**WHAT YOU WILL DO:**
Among the records below, find the lines with the word "linetype" and copy them.

[Dataset entries]
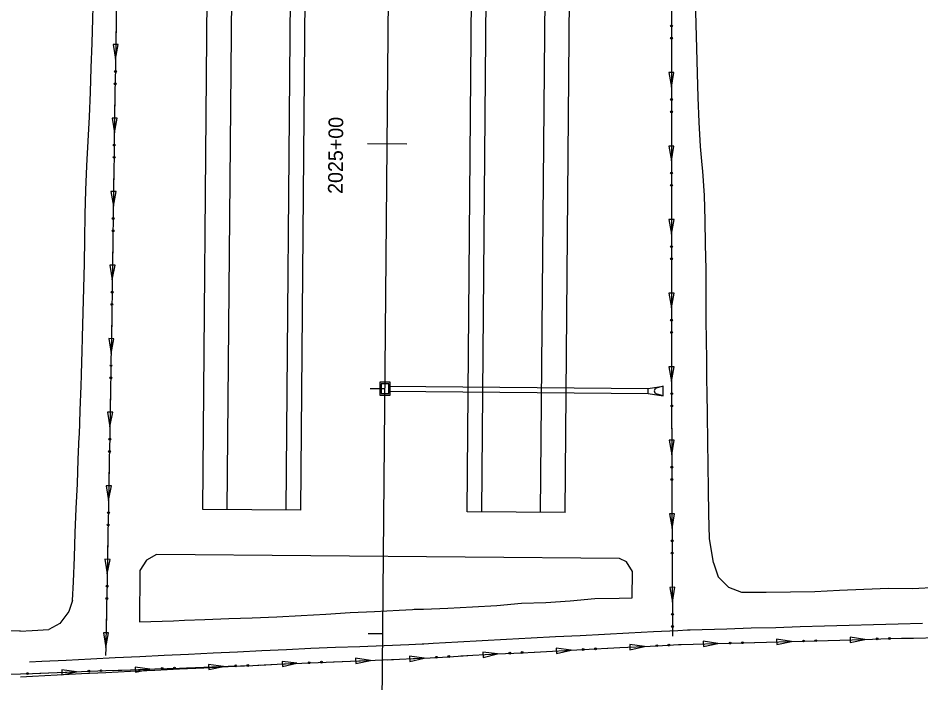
# Model space of a CAD drawing. Extents: x 1611108 to 1749517, y 619561 to 797725.
# Drawn here: x 1713432.3 to 1713801.3, y 759301.7 to 759573.2 of the extents above; entities that cross this region are included whole.
import ezdxf

# ---------------------------------------------------------------- set-up
doc = ezdxf.new("R2010")
doc.units = 0
for name, color, linetype in [('R_Ditch', 7, 'Continuous'), ('R_Drainage', 7, 'Continuous'), ('R_Horz Alg', 7, 'Continuous'), ('R_Horz Alg Stationing', 7, 'Continuous'), ('R_Proposed Const Limits', 7, 'Continuous'), ('R_Proposed Road', 7, 'Continuous'), ('S_EDGE_PAVEMENT', 7, 'Continuous')]:
    doc.layers.add(name, color=color, linetype=linetype)

msp = doc.modelspace()

# ---------------------------------------------------------------- linework, layer by layer
at = {"layer": 'R_Ditch'}
for p, q in [((1713473.3, 759562.38), (1713471.18, 759562.41)), ((1713471.18, 759562.41), (1713472.15, 759556.39)), ((1713472.15, 759556.39), (1713473.3, 759562.38)), ((1713700.35, 759550.96), (1713698.23, 759550.96)), ((1713698.23, 759550.96), (1713699.29, 759544.96)), ((1713699.29, 759544.96), (1713700.35, 759550.96)), ((1713472.86, 759532.34), (1713470.74, 759532.37)), ((1713470.74, 759532.37), (1713471.71, 759526.36)), ((1713471.71, 759526.36), (1713472.86, 759532.34)), ((1713700.35, 759520.92), (1713698.24, 759520.92)), ((1713698.24, 759520.92), (1713699.3, 759514.92)), ((1713699.3, 759514.92), (1713700.35, 759520.92)), ((1713472.41, 759502.31), (1713470.3, 759502.34)), ((1713470.3, 759502.34), (1713471.27, 759496.32)), ((1713471.27, 759496.32), (1713472.41, 759502.31)), ((1713700.36, 759490.88), (1713698.25, 759490.88)), ((1713698.25, 759490.88), (1713699.31, 759484.88)), ((1713699.31, 759484.88), (1713700.36, 759490.88)), ((1713471.97, 759472.27), (1713469.86, 759472.3)), ((1713469.86, 759472.3), (1713470.82, 759466.29)), ((1713470.82, 759466.29), (1713471.97, 759472.27)), ((1713700.37, 759460.84), (1713698.26, 759460.84)), ((1713698.26, 759460.84), (1713699.32, 759454.84)), ((1713699.32, 759454.84), (1713700.37, 759460.84)), ((1713471.51, 759442.24), (1713469.4, 759442.27)), ((1713469.4, 759442.27), (1713470.36, 759436.26)), ((1713470.36, 759436.26), (1713471.51, 759442.24)), ((1713700.41, 759430.81), (1713698.29, 759430.8)), ((1713698.29, 759430.8), (1713699.36, 759424.8)), ((1713699.36, 759424.8), (1713700.41, 759430.81)), ((1713471.02, 759412.2), (1713468.9, 759412.24)), ((1713468.9, 759412.24), (1713469.86, 759406.22)), ((1713469.86, 759406.22), (1713471.02, 759412.2)), ((1713700.48, 759400.77), (1713698.36, 759400.76)), ((1713698.36, 759400.76), (1713699.44, 759394.77)), ((1713699.44, 759394.77), (1713700.48, 759400.77)), ((1713470.5, 759382.17), (1713468.38, 759382.21)), ((1713468.38, 759382.21), (1713469.33, 759376.19)), ((1713469.33, 759376.19), (1713470.5, 759382.17)), ((1713700.58, 759370.73), (1713698.46, 759370.72)), ((1713698.46, 759370.72), (1713699.54, 759364.73)), ((1713699.54, 759364.73), (1713700.58, 759370.73)), ((1713469.94, 759352.13), (1713467.82, 759352.17)), ((1713467.82, 759352.17), (1713468.77, 759346.16)), ((1713468.77, 759346.16), (1713469.94, 759352.13)), ((1713700.71, 759340.7), (1713698.59, 759340.68)), ((1713698.59, 759340.68), (1713699.68, 759334.69)), ((1713699.68, 759334.69), (1713700.71, 759340.7)), ((1713469.35, 759322.1), (1713467.24, 759322.14)), ((1713467.24, 759322.14), (1713468.17, 759316.12)), ((1713468.17, 759316.12), (1713469.35, 759322.1)), ((1713718.3, 759317.78), (1713712.28, 759318.67)), ((1713712.28, 759318.67), (1713712.34, 759316.55)), ((1713712.34, 759316.55), (1713718.3, 759317.78)), ((1713748.33, 759318.6), (1713742.3, 759319.5)), ((1713742.3, 759319.5), (1713742.36, 759317.38)), ((1713742.36, 759317.38), (1713748.33, 759318.6)), ((1713778.36, 759319.46), (1713772.33, 759320.34)), ((1713772.33, 759320.34), (1713772.39, 759318.23)), ((1713772.39, 759318.23), (1713778.36, 759319.46)), ((1713628.3, 759313.49), (1713622.25, 759314.21)), ((1713622.25, 759314.21), (1713622.36, 759312.1)), ((1713658.29, 759315.04), (1713652.25, 759315.79)), ((1713652.25, 759315.79), (1713652.36, 759313.68)), ((1713652.36, 759313.68), (1713658.29, 759315.04)), ((1713688.29, 759316.58), (1713682.25, 759317.33)), ((1713682.25, 759317.33), (1713682.35, 759315.22)), ((1713682.35, 759315.22), (1713688.29, 759316.58)), ((1713546.27, 759309.67), (1713540.22, 759310.44)), ((1713540.22, 759310.44), (1713540.33, 759308.33)), ((1713576.28, 759310.88), (1713570.24, 759311.7)), ((1713570.24, 759311.7), (1713570.33, 759309.58)), ((1713570.33, 759309.58), (1713576.28, 759310.88)), ((1713598.3, 759311.83), (1713592.25, 759312.55)), ((1713592.25, 759312.55), (1713592.37, 759310.44)), ((1713592.37, 759310.44), (1713598.3, 759311.83)), ((1713622.36, 759312.1), (1713628.3, 759313.49)), ((1713456.22, 759306.2), (1713450.19, 759307.03)), ((1713450.19, 759307.03), (1713450.27, 759304.92)), ((1713486.24, 759307.32), (1713480.2, 759308.16)), ((1713480.2, 759308.16), (1713480.28, 759306.05)), ((1713480.28, 759306.05), (1713486.24, 759307.32)), ((1713516.26, 759308.4), (1713510.22, 759309.24)), ((1713510.22, 759309.24), (1713510.3, 759307.13)), ((1713510.3, 759307.13), (1713516.26, 759308.4)), ((1713540.33, 759308.33), (1713546.27, 759309.67)), ((1713450.27, 759304.92), (1713456.22, 759306.2))]:
    msp.add_line(p, q, dxfattribs=at)
for points in [[(1713699.28, 759580.84), (1713699.28, 759570.84), (1713699.29, 759560.84), (1713699.29, 759550.84), (1713699.29, 759540.83), (1713699.29, 759530.83), (1713699.3, 759520.83), (1713699.3, 759513.36), (1713699.3, 759510.83), (1713699.3, 759500.83), (1713699.3, 759490.83), (1713699.31, 759480.83), (1713699.31, 759470.83), (1713699.31, 759460.83), (1713699.32, 759450.83), (1713699.33, 759440.83), (1713699.35, 759430.83), (1713699.36, 759425.22), (1713699.37, 759420.83), (1713699.39, 759410.83), (1713699.42, 759400.83), (1713699.42, 759400.15), (1713699.45, 759390.83), (1713699.48, 759380.83), (1713699.52, 759370.83), (1713699.56, 759360.83), (1713699.6, 759350.83), (1713699.65, 759340.83), (1713699.7, 759330.82), (1713699.76, 759320.93), (1713699.76, 759320.82)], [(1713472.37, 759571.39), (1713472.25, 759562.82), (1713472.15, 759556.39)], [(1713472.37, 759571.43), (1713472.37, 759571.39)], [(1713699.29, 759559.99), (1713699.29, 759559.96)], [(1713699.29, 759559.96), (1713699.29, 759550.84), (1713699.29, 759544.96)], [(1713471.93, 759541.36), (1713471.8, 759532.82), (1713471.71, 759526.36)], [(1713471.93, 759541.4), (1713471.93, 759541.36)], [(1713699.29, 759529.96), (1713699.29, 759529.92)], [(1713699.29, 759529.92), (1713699.3, 759520.83), (1713699.3, 759514.92)], [(1713471.49, 759511.32), (1713471.36, 759502.82), (1713471.27, 759496.32)], [(1713471.49, 759511.36), (1713471.49, 759511.32)], [(1713699.3, 759499.92), (1713699.3, 759499.88)], [(1713699.3, 759499.88), (1713699.3, 759490.83), (1713699.31, 759484.88)], [(1713471.05, 759481.29), (1713470.92, 759472.83), (1713470.82, 759466.29)], [(1713471.05, 759481.33), (1713471.05, 759481.29)], [(1713699.31, 759469.88), (1713699.31, 759469.84)], [(1713699.31, 759469.84), (1713699.31, 759460.83), (1713699.32, 759454.84)], [(1713470.6, 759451.25), (1713470.46, 759442.83), (1713470.36, 759436.26)], [(1713470.6, 759451.29), (1713470.6, 759451.25)], [(1713699.34, 759439.84), (1713699.34, 759439.8)], [(1713699.34, 759439.8), (1713699.35, 759430.83), (1713699.36, 759425.22), (1713699.36, 759424.8)], [(1713470.11, 759421.22), (1713469.97, 759412.83), (1713469.86, 759406.22)], [(1713470.11, 759421.26), (1713470.11, 759421.22)], [(1713699.39, 759409.8), (1713699.39, 759409.77)], [(1713699.39, 759409.77), (1713699.42, 759400.83), (1713699.42, 759400.15), (1713699.44, 759394.77)], [(1713469.6, 759391.19), (1713469.45, 759382.83), (1713469.33, 759376.19)], [(1713469.6, 759391.22), (1713469.6, 759391.19)], [(1713699.48, 759379.77), (1713699.49, 759379.73)], [(1713699.49, 759379.73), (1713699.52, 759370.83), (1713699.54, 759364.73)], [(1713469.05, 759361.15), (1713468.9, 759352.84), (1713468.77, 759346.16)], [(1713469.05, 759361.19), (1713469.05, 759361.15)], [(1713699.61, 759349.73), (1713699.61, 759349.69)], [(1713699.61, 759349.69), (1713699.65, 759340.83), (1713699.68, 759334.69)], [(1713468.47, 759331.12), (1713468.31, 759322.95), (1713468.31, 759322.84), (1713468.3, 759322.24), (1713468.29, 759322.02), (1713468.26, 759320.68), (1713468.24, 759319.59), (1713468.18, 759316.45), (1713468.17, 759316.12)], [(1713468.47, 759331.16), (1713468.47, 759331.12)], [(1713437.05, 759310.24), (1713442.04, 759310.49), (1713452.04, 759311), (1713462.03, 759311.5), (1713472.03, 759312), (1713482.03, 759312.47), (1713492.02, 759312.95), (1713502.02, 759313.42), (1713512.01, 759313.9), (1713522.01, 759314.37), (1713532, 759314.85), (1713542, 759315.32), (1713552, 759315.8), (1713561.99, 759316.2), (1713571.99, 759316.59), (1713581.98, 759316.99), (1713591.98, 759317.39), (1713597.48, 759317.61), (1713598.19, 759317.65), (1713601.98, 759317.86), (1713611.97, 759318.42), (1713621.97, 759318.97), (1713631.96, 759319.52), (1713641.96, 759320.05), (1713651.95, 759320.56), (1713661.95, 759321.07), (1713671.94, 759321.59), (1713681.94, 759322.1), (1713691.93, 759322.61), (1713701.93, 759323.13), (1713705.93, 759323.33), (1713706.93, 759323.38), (1713711.92, 759323.54), (1713721.92, 759323.81), (1713731.92, 759324.09), (1713741.92, 759324.36), (1713751.91, 759324.64), (1713761.91, 759324.91), (1713771.91, 759325.2), (1713781.91, 759325.49), (1713791.9, 759325.78), (1713801.9, 759326.04)], [(1713433.29, 759304.21), (1713438.29, 759304.46), (1713448.28, 759304.96), (1713458.28, 759305.46), (1713468.27, 759305.96), (1713478.27, 759306.43), (1713488.27, 759306.91), (1713498.26, 759307.38), (1713508.26, 759307.86), (1713518.25, 759308.33), (1713528.25, 759308.81), (1713538.24, 759309.28), (1713548.24, 759309.76), (1713558.24, 759310.16), (1713568.23, 759310.55), (1713578.23, 759310.95), (1713588.23, 759311.35), (1713593.72, 759311.58), (1713594.43, 759311.62), (1713598.22, 759311.82), (1713608.22, 759312.38), (1713618.21, 759312.93), (1713628.21, 759313.49), (1713638.2, 759314.01), (1713648.2, 759314.52), (1713658.19, 759315.03), (1713668.19, 759315.55), (1713678.18, 759316.06), (1713688.18, 759316.57), (1713698.17, 759317.09), (1713702.17, 759317.29), (1713703.17, 759317.34), (1713708.17, 759317.5), (1713718.17, 759317.77), (1713728.16, 759318.05), (1713738.16, 759318.32), (1713748.16, 759318.6), (1713758.16, 759318.87), (1713768.15, 759319.16), (1713778.15, 759319.45), (1713788.15, 759319.75), (1713798.15, 759320), (1713808.15, 759320.23)], [(1713703.31, 759317.35), (1713708.17, 759317.5), (1713718.17, 759317.77), (1713718.3, 759317.78)], [(1713733.3, 759318.19), (1713733.34, 759318.19)], [(1713733.34, 759318.19), (1713738.16, 759318.32), (1713748.16, 759318.6), (1713748.33, 759318.6)], [(1713763.32, 759319.02), (1713763.36, 759319.03)], [(1713763.36, 759319.03), (1713768.15, 759319.16), (1713778.15, 759319.45), (1713778.36, 759319.46)], [(1713793.35, 759319.88), (1713793.39, 759319.88)], [(1713793.39, 759319.88), (1713798.15, 759320), (1713808.15, 759320.23), (1713808.38, 759320.24)], [(1713643.28, 759314.27), (1713643.31, 759314.27)], [(1713643.31, 759314.27), (1713648.2, 759314.52), (1713658.19, 759315.03), (1713658.29, 759315.04)], [(1713673.27, 759315.81), (1713673.31, 759315.81)], [(1713673.31, 759315.81), (1713678.18, 759316.06), (1713688.18, 759316.57), (1713688.29, 759316.58)], [(1713703.27, 759317.35), (1713703.31, 759317.35)], [(1713170.9, 759304.21), (1713433.28, 759305.32), (1713438.28, 759305.51), (1713448.27, 759305.9), (1713458.27, 759306.28), (1713468.27, 759306.67), (1713478.26, 759307.03), (1713488.26, 759307.39), (1713498.26, 759307.75), (1713508.25, 759308.11), (1713518.25, 759308.48), (1713528.25, 759308.84), (1713530.25, 759308.91), (1713538.24, 759309.29), (1713548.24, 759309.76), (1713558.24, 759310.16), (1713568.23, 759310.56), (1713578.23, 759310.96), (1713581.13, 759311.07)], [(1713561.26, 759310.28), (1713561.29, 759310.28)], [(1713561.29, 759310.28), (1713568.23, 759310.56), (1713576.28, 759310.88)], [(1713583.32, 759311.15), (1713588.23, 759311.35), (1713593.72, 759311.58), (1713594.43, 759311.62), (1713598.22, 759311.82), (1713598.3, 759311.83)], [(1713613.28, 759312.66), (1713613.32, 759312.66)], [(1713613.32, 759312.66), (1713618.21, 759312.93), (1713628.21, 759313.49), (1713628.3, 759313.49)], [(1713471.21, 759306.78), (1713471.25, 759306.78)], [(1713471.25, 759306.78), (1713478.26, 759307.03), (1713486.24, 759307.32)], [(1713501.23, 759307.86), (1713501.27, 759307.86)], [(1713501.27, 759307.86), (1713508.25, 759308.11), (1713516.26, 759308.4)], [(1713531.25, 759308.96), (1713531.28, 759308.96)], [(1713531.29, 759308.96), (1713538.24, 759309.29), (1713546.27, 759309.67)], [(1713441.2, 759305.62), (1713441.23, 759305.62)], [(1713441.23, 759305.62), (1713448.27, 759305.9), (1713456.22, 759306.2)]]:
    msp.add_lwpolyline(points, dxfattribs=at)
for centre in [(1713699.32, 759569.99), (1713699.32, 759564.98), (1713472.12, 759551.39), (1713472.04, 759546.38), (1713699.33, 759539.95), (1713699.33, 759534.94), (1713471.67, 759521.35), (1713471.6, 759516.34), (1713699.34, 759509.91), (1713699.34, 759504.9), (1713471.23, 759491.32), (1713471.16, 759486.31), (1713699.34, 759479.87), (1713699.35, 759474.86), (1713470.79, 759461.28), (1713470.71, 759456.27), (1713699.36, 759449.84), (1713699.37, 759444.83), (1713470.31, 759431.25), (1713470.23, 759426.24), (1713699.41, 759419.8), (1713699.42, 759414.79), (1713469.81, 759401.22), (1713469.72, 759396.21), (1713699.49, 759389.76), (1713699.5, 759384.75), (1713469.27, 759371.18), (1713469.18, 759366.17), (1713699.6, 759359.72), (1713699.62, 759354.71), (1713468.71, 759341.15), (1713468.61, 759336.14), (1713699.74, 759329.68), (1713699.77, 759324.67), (1713723.31, 759317.95), (1713728.32, 759318.09), (1713753.33, 759318.78), (1713758.34, 759318.92), (1713783.36, 759319.64), (1713788.37, 759319.79), (1713633.29, 759313.79), (1713638.3, 759314.05), (1713663.29, 759315.33), (1713668.29, 759315.59), (1713693.29, 759316.87), (1713698.29, 759317.13), (1713551.27, 759309.92), (1713556.27, 759310.12), (1713603.3, 759312.14), (1713608.3, 759312.42), (1713461.22, 759306.43), (1713466.23, 759306.63), (1713491.24, 759307.54), (1713496.25, 759307.72), (1713521.26, 759308.62), (1713526.27, 759308.8), (1713436.21, 759305.47)]:
    msp.add_circle(centre, 0.375, dxfattribs=at)
at = {"layer": 'R_Drainage'}
for p, q in [((1713583.77, 759422.84), (1713689.78, 759421.91)), ((1713689.76, 759419.91), (1713689.78, 759421.91)), ((1713689.78, 759421.91), (1713695.91, 759422.86)), ((1713695.91, 759422.86), (1713693.1, 759421.99)), ((1713695.88, 759418.86), (1713695.91, 759422.86)), ((1713583.77, 759420.84), (1713689.76, 759419.91)), ((1713689.76, 759419.91), (1713695.88, 759418.86)), ((1713695.88, 759418.86), (1713693.08, 759419.77))]:
    msp.add_line(p, q, dxfattribs=at)
for points in [[(1713580.1, 759419.19), (1713584.44, 759419.19), (1713584.44, 759424.52), (1713580.1, 759424.52)], [(1713580.77, 759419.85), (1713583.77, 759419.85), (1713583.77, 759423.85), (1713580.77, 759423.85)]]:
    msp.add_lwpolyline(points, close=True, dxfattribs=at)
msp.add_arc((1713693.44, 759420.88), 1.17, 107.0299, 251.9701, dxfattribs=at)
at = {"layer": 'R_Horz Alg'}
msp.add_line((1713561.33, 757021.94), (1713607.03, 762259.43), dxfattribs=at)
at = {"layer": 'R_Horz Alg Stationing'}
for points in [[(1713575.14, 759521.92), (1713591.14, 759521.78)], [(1713576.27, 759421.9), (1713582.27, 759421.85)], [(1713575.4, 759321.91), (1713581.4, 759321.86)]]:
    msp.add_lwpolyline(points, dxfattribs=at)
at = {"layer": 'R_Proposed Const Limits'}
msp.add_line((1713433.1, 759322.82), (1713433.1, 759322.82), dxfattribs=at)
for points in [[(1713454.64, 759335.37), (1713454.97, 759342.96), (1713455.39, 759352.96), (1713455.74, 759362.95), (1713456.13, 759372.95), (1713456.57, 759382.95), (1713456.89, 759392.95), (1713457.37, 759402.26), (1713457.39, 759402.94), (1713457.73, 759412.94), (1713458.07, 759422.94), (1713458.22, 759427.32), (1713458.4, 759432.93), (1713458.53, 759436.92), (1713458.7, 759442.93), (1713458.98, 759452.93), (1713459.26, 759462.93), (1713459.43, 759472.93), (1713459.6, 759482.93), (1713459.78, 759492.92), (1713460.03, 759502.92), (1713460.45, 759512.92), (1713460.59, 759515.44), (1713461.01, 759522.91), (1713461.57, 759532.91), (1713461.96, 759542.91), (1713462.27, 759552.9), (1713462.57, 759562.9), (1713462.88, 759572.9), (1713463.19, 759582.9)], [(1713716.45, 759350.68), (1713714.86, 759360.69), (1713714.63, 759370.7), (1713714.46, 759380.7), (1713714.3, 759390.7), (1713714.15, 759400.02), (1713714.14, 759400.7), (1713713.98, 759410.7), (1713713.86, 759420.7), (1713713.81, 759425.09), (1713713.75, 759430.7), (1713713.71, 759434.7), (1713713.64, 759440.71), (1713713.53, 759450.71), (1713713.47, 759460.71), (1713713.44, 759470.71), (1713713.25, 759480.71), (1713713.05, 759490.71), (1713712.85, 759500.71), (1713712.09, 759510.72), (1713711.85, 759513.25), (1713711.19, 759520.73), (1713710.57, 759530.74), (1713710.19, 759540.74), (1713709.95, 759550.74), (1713709.71, 759560.74), (1713709.43, 759570.75), (1713709.11, 759580.75)], [(1713488.92, 759354.06), (1713484.79, 759351.82), (1713482.12, 759347.52), (1713481.93, 759326.61)], [(1713678.07, 759352.41), (1713488.92, 759354.06)], [(1713683.28, 759336.45), (1713683.37, 759347.11), (1713680.92, 759351.06), (1713678.07, 759352.41)], [(1713716.45, 759350.68), (1713718.39, 759344.98), (1713722.56, 759340.81), (1713727.95, 759338.71)], [(1713727.95, 759338.71), (1713737.95, 759338.76), (1713747.95, 759338.82), (1713757.95, 759339.04), (1713767.94, 759339.52), (1713777.94, 759340.01), (1713787.94, 759340.35), (1713797.94, 759340.24), (1713807.93, 759340.7), (1713817.93, 759341.29), (1713827.92, 759341.87), (1713837.92, 759342.08), (1713847.92, 759342.14), (1713857.92, 759342.18), (1713867.92, 759342.23), (1713877.92, 759342.42), (1713887.92, 759342.24), (1713897.92, 759342.45), (1713907.92, 759342.72), (1713917.92, 759343.04), (1713927.91, 759343.3), (1713927.91, 759343.3)], [(1713433.3, 759322.83), (1713203.69, 759327.08), (1713189.85, 759329.4), (1713174.98, 759336.98)], [(1713481.93, 759326.61), (1713495.79, 759327.01), (1713500.34, 759327.24), (1713508.67, 759327.52), (1713518.41, 759327.91), (1713528.05, 759328.19), (1713538.04, 759328.71), (1713548.04, 759329.13), (1713558.03, 759329.78), (1713568.03, 759330.39), (1713578.02, 759330.89), (1713588.02, 759331.34), (1713593.51, 759331.67), (1713594.23, 759331.72), (1713598.01, 759331.84), (1713608.01, 759332.22), (1713618.01, 759332.74), (1713628, 759333.26), (1713637.99, 759334.17), (1713647.99, 759334.45), (1713657.98, 759335.12), (1713667.97, 759336.09), (1713677.97, 759336.25), (1713683.28, 759336.45)], [(1713454.64, 759335.37), (1713453.04, 759330.88), (1713449.41, 759325.94), (1713444.91, 759323.42)], [(1713433.1, 759322.82), (1713438.1, 759323.08), (1713444.91, 759323.42)]]:
    msp.add_lwpolyline(points, dxfattribs=at)
at = {"layer": 'R_Proposed Road'}
for p, q in [((1713541.83, 759372.2), (1713567.03, 762259.78)), ((1713547.83, 759372.15), (1713573.03, 762259.72)), ((1713615.83, 759371.56), (1713641.03, 762259.13)), ((1713621.83, 759371.5), (1713647.03, 762259.08)), ((1713645.83, 759371.3), (1713657.58, 760717.92)), ((1713655.83, 759371.21), (1713666.54, 760598.16)), ((1713507.84, 759372.5), (1713517.89, 760524.26)), ((1713517.83, 759372.41), (1713527.89, 760524.17)), ((1713547.83, 759372.15), (1713507.84, 759372.5)), ((1713655.83, 759371.21), (1713615.83, 759371.56))]:
    msp.add_line(p, q, dxfattribs=at)
at = {"layer": 'S_EDGE_PAVEMENT'}
msp.add_lwpolyline([(1713472.54, 759582.82), (1713472.39, 759572.82), (1713472.25, 759562.82), (1713472.1, 759552.82), (1713471.95, 759542.82), (1713471.8, 759532.82), (1713471.66, 759522.82), (1713471.55, 759515.35), (1713471.51, 759512.82), (1713471.36, 759502.82), (1713471.22, 759492.82), (1713471.07, 759482.83), (1713470.92, 759472.83), (1713470.77, 759462.83), (1713470.62, 759452.83), (1713470.46, 759442.83), (1713470.3, 759432.83), (1713470.21, 759427.22), (1713470.14, 759422.83), (1713469.97, 759412.83), (1713469.8, 759402.83), (1713469.79, 759402.15), (1713469.63, 759392.83), (1713469.45, 759382.83), (1713469.27, 759372.84), (1713469.08, 759362.84), (1713468.9, 759352.84), (1713468.7, 759342.84), (1713468.51, 759332.84), (1713468.31, 759322.95), (1713468.31, 759322.84), (1713468.3, 759322.24), (1713468.29, 759322.02), (1713468.26, 759320.68), (1713468.24, 759319.59), (1713468.18, 759316.45), (1713468.17, 759315.98), (1713468.1, 759312.84)], dxfattribs=at)

# ---------------------------------------------------------------- texts
at = {"layer": 'R_Horz Alg Stationing'}
msp.add_text('2025+00', height=6, rotation=89.5, dxfattribs=at).set_placement((1713564.96, 759501.36))

doc.saveas('drawing.dxf')

**EXERCISE RESPONSE:**
for name, color, linetype in [('R_Ditch', 7, 'Continuous'), ('R_Drainage', 7, 'Continuous'), ('R_Horz Alg', 7, 'Continuous'), ('R_Horz Alg Stationing', 7, 'Continuous'), ('R_Proposed Const Limits', 7, 'Continuous'), ('R_Proposed Road', 7, 'Continuous'), ('S_EDGE_PAVEMENT', 7, 'Continuous')]:
    doc.layers.add(name, color=color, linetype=linetype)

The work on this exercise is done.